Call for Chapters – Ethics of Comedy

What makes a joke right or wrong? When is it good or bad to laugh? The rights and wrongs of a joke can be expressed in political terms: a joke is politically incorrect or it exploits a marginalized group of people. Alternatively, a joke can be inappropriate or mean-spirited. A joke can make someone feel bad about their race, ethnicity, religion, socio-economic status, body, gender identity, and the list can go on and on. Laughter can hurt someone’s feelings, reveal that the laugher lacks manners, or maybe holds to racist, sexist, or other offensive views. The same way that a joke can make a person feel self conscious about an aspect of their self, laughter reinforces in-group/out-group dynamics and can make a person feel excluded, isolated, or alone.

These negatives are balanced against the good that jokes and laughter can do: when they punch up, jokes and laughter can diminish the power that others hold over us. Comedians can be the sharpest of cultural critics, using irony, satire, and parody to reveal hypocrisy, speak difficult truths, and skewer social attitudes and biases that marginalize and oppress individuals and groups.
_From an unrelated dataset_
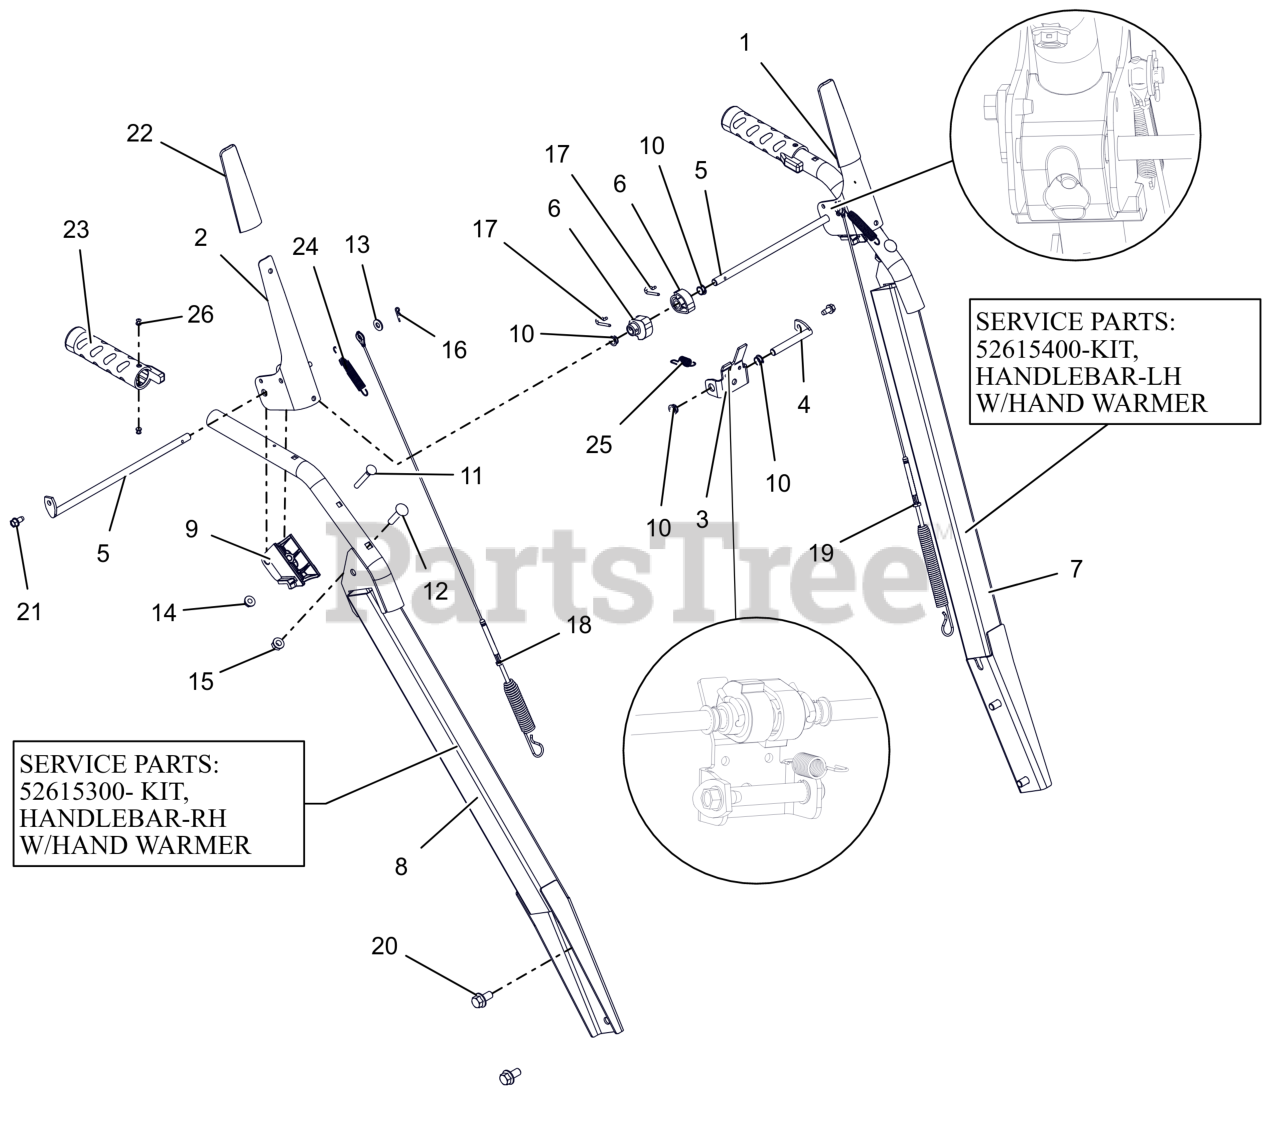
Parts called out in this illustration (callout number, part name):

But how do we speak of an ethics of comedy? The difficulty of an ethics of jokes and laughter is that so much of what makes humor work — and much of the work that humor does — is based on transgression. This edited volume seeks contributions that attempt to formulate an ethics of comedy. When is a joke right or wrong? Is it wrong if it offends, or right if it offends in the right way? How are we to determine the moral rightness or wrongness of laughing at one moment but not the next? Are there jokes that ought not to be told or punch lines that ought not to be laughed at? And how are we to know when this is the case?
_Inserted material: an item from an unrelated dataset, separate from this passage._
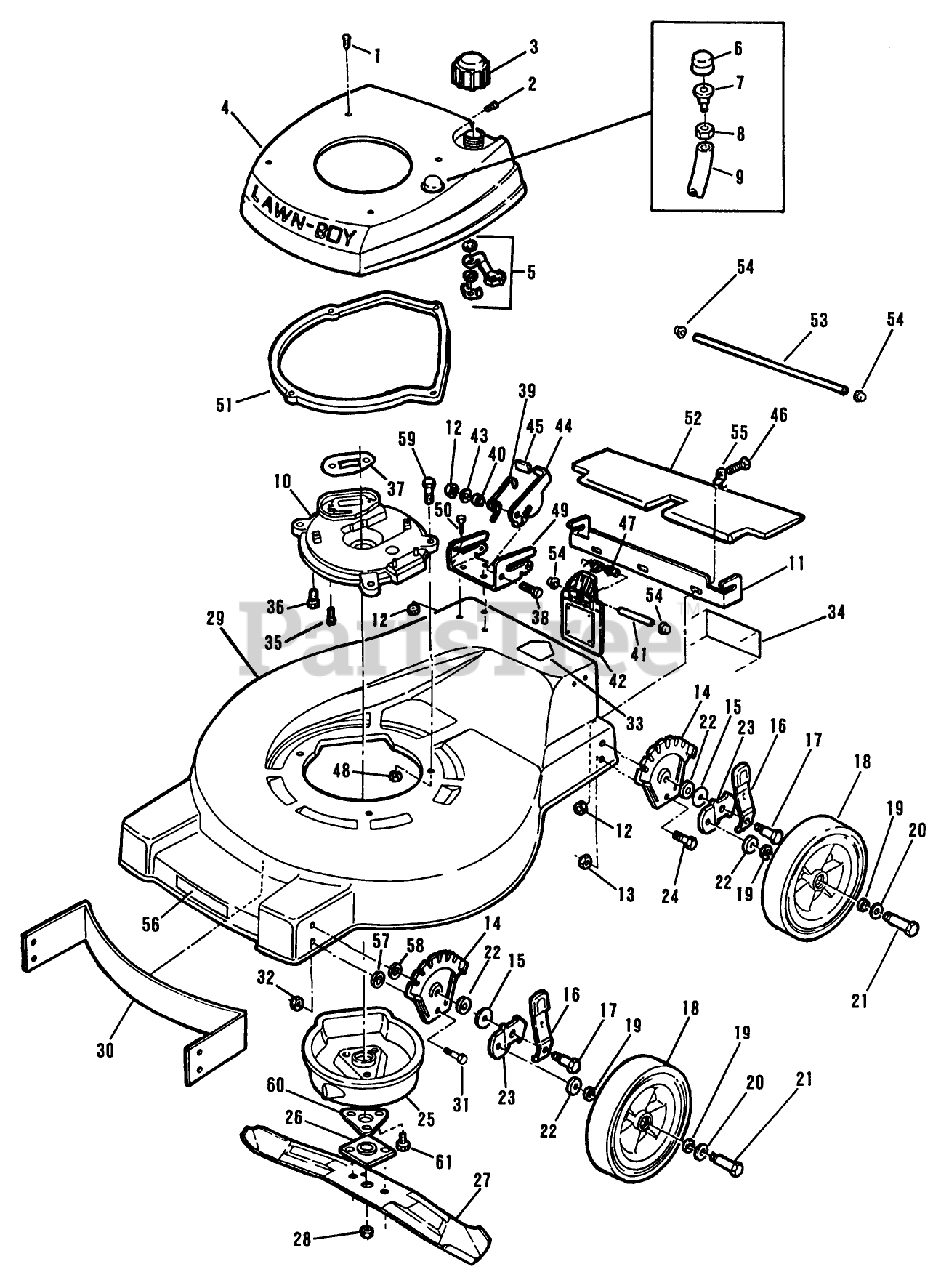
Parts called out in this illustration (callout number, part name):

The collection should be accessible to upper level undergraduates. Essays should articulate a general approach to jokes and laughter and then apply that approach to specific examples. Examples can be drawn from any medium (stand-up, television, movies, internet, etc.). Essays that deal with comedians, topics, or ethical theories that undergraduate students would encounter in other courses are encouraged.

Please submit proposals for essays of 6,000-8,500 words that explore the ethics of comedy:

  • Frameworks for an ethics of humor, jokes, and laughter

  • Normative ethical theories and humor, jokes, or laughter

  • Ethics and superiority, relief, and incongruity theory

  • An ethical analysis of a specific comedian

  • How a particular ethicist, philosopher, or theologian addresses the moral rightness or wrongness of laughter

  • The ethics of jokes about a controversial social topic, e.g. abortion, body shape or size, sexual violence, illness, etc.

  • Historical approaches to the ethics of laughter: what was the moral status of humor, laughter, and jokes in the past?

  • Evolving social standards, ethics, and humor: what jokes used to be funny and are not appropriate any more?

  • Politics vs. ethics in humor

Send your questions about the book or submit your short description to Steven A. Benko at benkos@meredith.edu. The chapter proposal should consist of a short abstract (275-350 words), chapter title, and a brief biography. Collaborations are welcomed. All proposals must be received by January 7, 2018. Final manuscripts of 6,000-8,500 words should be submitted in MLA style by August 20, 2018.